"Find the Greatest Common Factor: The Birthday Cake Method" is a worksheet that features 7 to 9 boxes where students use the Birthday Cake Method to find the greatest common factor. The directions tell students to "Find the GCF using the Birthday Cake Method." There is room at the top of the page for students to write their starting and ending times so they can see how long it takes them.

Each square contains two numbers enclosed in a rectangle, representing the bottom layer of the cake. Some also contain the first factor on the outside of the cake, while subsequent squares do not. For example, the first two numbers in the rectangle could be 50 and 40 with a factor of 2, while another square only lists the numbers 36 and 64, inviting students to come up with the first factor on their own.

Each square contains extra room where they can write all the layers of the cake, along with a space at the bottom where they can write the GCF. Each page starts with an example that contains all the numbers and the GCF to help students get started.

The Birthday Cake Method is a fun way for students to practice finding the greatest common factor because they don't have to choose specific factors in any order. For example, when finding the GCF for 32 and 44, students don't have to try 4 right away. Instead, they can use a factor of 2 and then see that 2 can be used again to get a GCF of 4.

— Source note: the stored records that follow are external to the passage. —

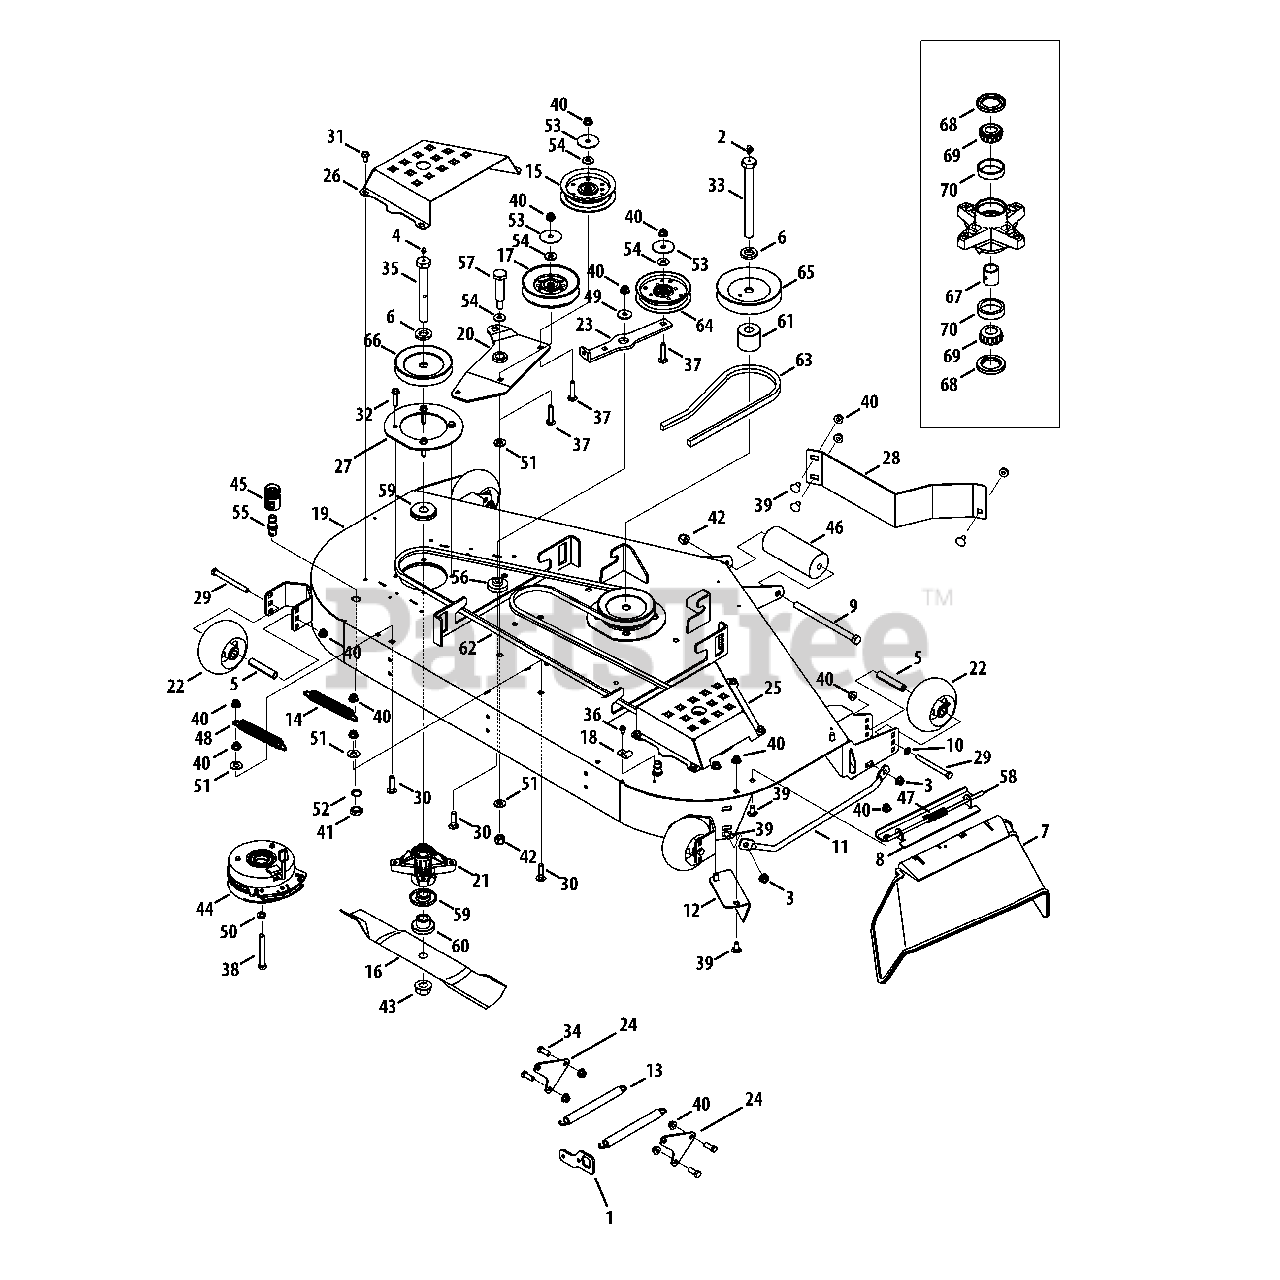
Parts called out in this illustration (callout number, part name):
1	Spring Mount Bracket
2	Grease Fitting, 1/4-28 x .788
3	Counterlock Flange Nut, 3/8-16
4	Straight Grease Fitting, 1/4-28
5	Spacer, .390 x .620 x 3.04
6	Spacer, .812 x 1.47 x .218
7	Fab Deck Deflector Chute
8	Deflector Chute Bracket
9	Hex Screw, 1/2-20 x 7.50
10	Thrust Washer .382 ID x .684 OD
11	Fab Deck Chute Finger Guard
12	Deck Chute Baffle
13	Hook Ext. Spring, .75 x 7.89 x .14
14	Hook Ext. Spring, .94 x 7.57 x .14
15	Idler Pulley, 4.88
16	Hi-Lift Blade, 19.0
17	Idler Pulley
18	Retainer Hook
21	Deck Spindle Assembly
22	Deck Wheel
23	Deck Idler Arm
24	Spring Mount Plate
25	54" RH Belt Cover
26	54" LH Belt Cover
27	Spindle Reinforcement Plate
28	Standard Baffle
29	Hex Screw, 3/8-16 x 4.00
30	Carriage Bolt, 3/8-16 x 1.50
31	Hex Washer Screw, 5/16-18 x .750
32	Flange Hex TT Screw, 5/16-18 x 1.50
33	Hex Screw, 3/4-16 x 8.0
34	Hex Screw, 3/8-16 x 1.00
35	Hex Screw, 3/4-16 x 6.0
36	Hex Washer TT Screw, 1/4-20 x .500
37	Screw, Carriage: 3/8-16 x 1.75"
38	Hex Screw, 7/16-20 x 3.50
39	Carriage Bolt, 3/8-16 x .75
40	Flange Lock Nut, 3/8-16
41	Hex Nut, M16-1.5
42	Nut, Hexlk, 1/2-20, Gr2, Nylon
43	Flange Lock Nut, 3/4-16
44	Electric PTO Clutch
45	Water Nozzle Adapter
46	Front Roller
47	Torsion Spring
48	Extension Spring, .91 x 7.33
49	Washer, .411 x 1.25 x 1.00
50	Lock Washer, 7/16
51	Flat Washer, .390 x 1.500 x .134
52	Lock Washer, 17 x 23.8 x 1.95
53	Flat Washer, .406 x 1.92 x .060
54	Washer, .406 x 1.00 x .105
55	Water Deck Nozzle
56	Shoulder Spacer, .854 x .280
57	Shoulder Bolt, 3/8-16 x .74 x 2.47
58	Chute Deflector Rod
59	Deck Spindle Spacer
60	Spindle Spacer, .76 x 2.0 x 1.1
61	Spacer, .760 x 2.00 x 1.69
62	V-Belt
64	Idler Pulley, 4.25
65	V-Type Pulley
66	V-Type Pulley
67	Bearing Spacer
69	Cone Bearing, .750"
70	Bearing Cup, .750"

It's a good idea to provide students with scrap paper or extra space on a worksheet where they can write out division problems, if needed. If you want to encourage students to use mental math, choose smaller numbers that are relatively easy to divide mentally. For example, both 60 and 80 can be divided by 2 and 10 mentally. If you want to use larger numbers, students can also practice using a calculator to find and fill in answers. This activity also supports broader questions about divisibility, like talking about how you know if a number is divisible by certain numbers, like 2, 5, and 10.